Regarding the HT loupes, five participants mentioned feeling “relaxed/relieved” in the neck. Six participants stated that the HT loupes had good visual functions, including clear vision (N = 2), a bright image (N = 4), and a broad field of vision (N = 4). In contrast, eight participants were dissatisfied with the visual functions of the HT loupes, mentioning reasons including a feeling of dizziness (N = 3), double vision (N = 2), shadows in the view (N = 2), and a difference in sharpness within the view (N = 1).
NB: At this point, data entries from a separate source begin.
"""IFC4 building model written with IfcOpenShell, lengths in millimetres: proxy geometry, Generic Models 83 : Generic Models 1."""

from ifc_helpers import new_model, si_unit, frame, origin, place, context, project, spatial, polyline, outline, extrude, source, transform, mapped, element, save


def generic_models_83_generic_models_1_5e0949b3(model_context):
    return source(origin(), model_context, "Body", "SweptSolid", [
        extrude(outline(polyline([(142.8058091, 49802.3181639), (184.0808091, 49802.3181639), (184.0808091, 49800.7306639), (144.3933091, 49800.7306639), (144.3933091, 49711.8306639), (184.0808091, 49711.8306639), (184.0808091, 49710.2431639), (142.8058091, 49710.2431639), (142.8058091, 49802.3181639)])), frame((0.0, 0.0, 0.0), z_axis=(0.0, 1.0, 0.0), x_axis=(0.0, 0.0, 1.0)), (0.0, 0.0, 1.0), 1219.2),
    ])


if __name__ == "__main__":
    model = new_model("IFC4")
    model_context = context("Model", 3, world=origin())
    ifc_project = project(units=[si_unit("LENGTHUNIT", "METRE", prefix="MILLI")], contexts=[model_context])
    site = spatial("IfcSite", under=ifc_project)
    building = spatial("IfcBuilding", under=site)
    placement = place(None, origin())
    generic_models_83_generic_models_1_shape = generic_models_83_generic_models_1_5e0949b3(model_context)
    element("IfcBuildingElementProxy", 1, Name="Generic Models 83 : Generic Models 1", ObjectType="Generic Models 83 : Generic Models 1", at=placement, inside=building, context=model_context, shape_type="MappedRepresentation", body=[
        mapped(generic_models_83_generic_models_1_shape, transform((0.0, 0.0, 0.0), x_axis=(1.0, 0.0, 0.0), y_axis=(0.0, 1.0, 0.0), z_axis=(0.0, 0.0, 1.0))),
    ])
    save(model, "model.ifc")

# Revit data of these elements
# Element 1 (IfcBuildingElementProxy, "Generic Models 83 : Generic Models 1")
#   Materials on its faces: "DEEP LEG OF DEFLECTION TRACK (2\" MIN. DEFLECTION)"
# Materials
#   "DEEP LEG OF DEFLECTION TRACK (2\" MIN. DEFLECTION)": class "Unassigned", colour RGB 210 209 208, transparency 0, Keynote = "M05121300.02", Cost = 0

In addition, two participants mentioned the disadvantage of the HT loupes not having glasses around the loupes for side vision and as a shield against splashed blood.

Regarding their own loupes, four participants stated that they were used to their own loupes and that they fit well. While four participants expressed that their own loupes caused them to have a bad posture, three mentioned that their own loupes were old and needed visual adjustment.

3.6 Performance of surgeons

The task completion time [seconds, median (IQR)] was significantly longer when using the HT loupes in the PT compared to the surgeons’ own loupes and the LT loupes [own, 45 (41–49); LT, 46 (42–53); HT 57 (44–62); LT vs. HT, p = 0.002; own vs. HT, p < 0.001], and in the PC compared to the surgeon’s own loupes [own, 56 (48–76); HT 71 (59–90); own vs. HT, p = 0.005] (Figure 5). There were no significant differences in the numbers of surgical errors between different loupes in the BS [own, 0.5 (0.0–1.0); LT, 0.5 (0.0–1.4); HT 1.0 (0.0–1.5); overall, p = 0.628] or the PC [own, 0.5 (0.0–1.4); LT, 1.0 (0.1–1.5); HT 0.5 (0.0–1.0); overall, p = 0.404].

FIGURE 5

Figure 5. Task completion time of three simulated surgical tasks of the 19 participants compared among the surgeons’ own surgical loupes, the low-tilt loupes, and the high-tilt loupes. For each box, the middle line represents the median value; the upper and lower edges of the box denote the upper and lower quartiles; the upper edge and lower edge of the whiskers denote the nonoutlier maximum and minimum; and outliers are marked with +. Significant differences are indicated with ^* when p < 0.05, ^** when p < 0.01, and ^*** when p < 0.001.

4 Discussion

The main results of this randomized crossover study were that using prismatic loupes (compared to traditional loupes) reduced two ergonomic risk factors – head inclination and neck muscle activity –without increasing surgical errors. However, in two of three tasks, the completion time was prolonged when using HT loupes.

To our best knowledge, this is currently the largest performed study that focuses on the effects of prismatic loupes use among surgeons. There was a significant reduction in head inclination when using the two prismatic loupes compared to traditional loupes. This is an important finding since the forward head inclination likely is a primary contributor to the high frequency of neck/shoulder pain among surgeons. An angulation of 15° in the prism of the LT loupes resulted in a 13°–14° reduction in the group median of the 50th percentile head inclination, while a 48° angulation in the prism of the HT loupes reduced the head inclination by 22°–26°. While factors such as eye rolling and frame angle also influence the impact of loupes on head inclination, the results consistently show a trend: increased angulation in the prism of the surgical loupes correlates with greater head inclination.

A few studies have reported that the usage of prismatic glasses can reduce head or neck flexion among dental workers, with an angulation angle of 5° in the prism leading to a reduction of 6.5° in the 50th percentile head inclination (14) and an angulation of 90° resulting in a 33°–39° decrease in the 50th percentile head tilt (16). Another study found that among surgeons, 90°-angulated prismatic glasses reduced head inclination by 35° (19). These results show that using prismatic glasses improves head posture. A proposed action level for a whole-day measurement of median head inclination has been set at 25° (17). Although the median levels of head inclination in this experimental study with task times of a few minutes cannot be directly compared to that proposed at the whole workday action level, the observed significant reduction from 39°–46° to 17°–32° suggests that the usage of prismatic loupes can decrease the risks of MSDs.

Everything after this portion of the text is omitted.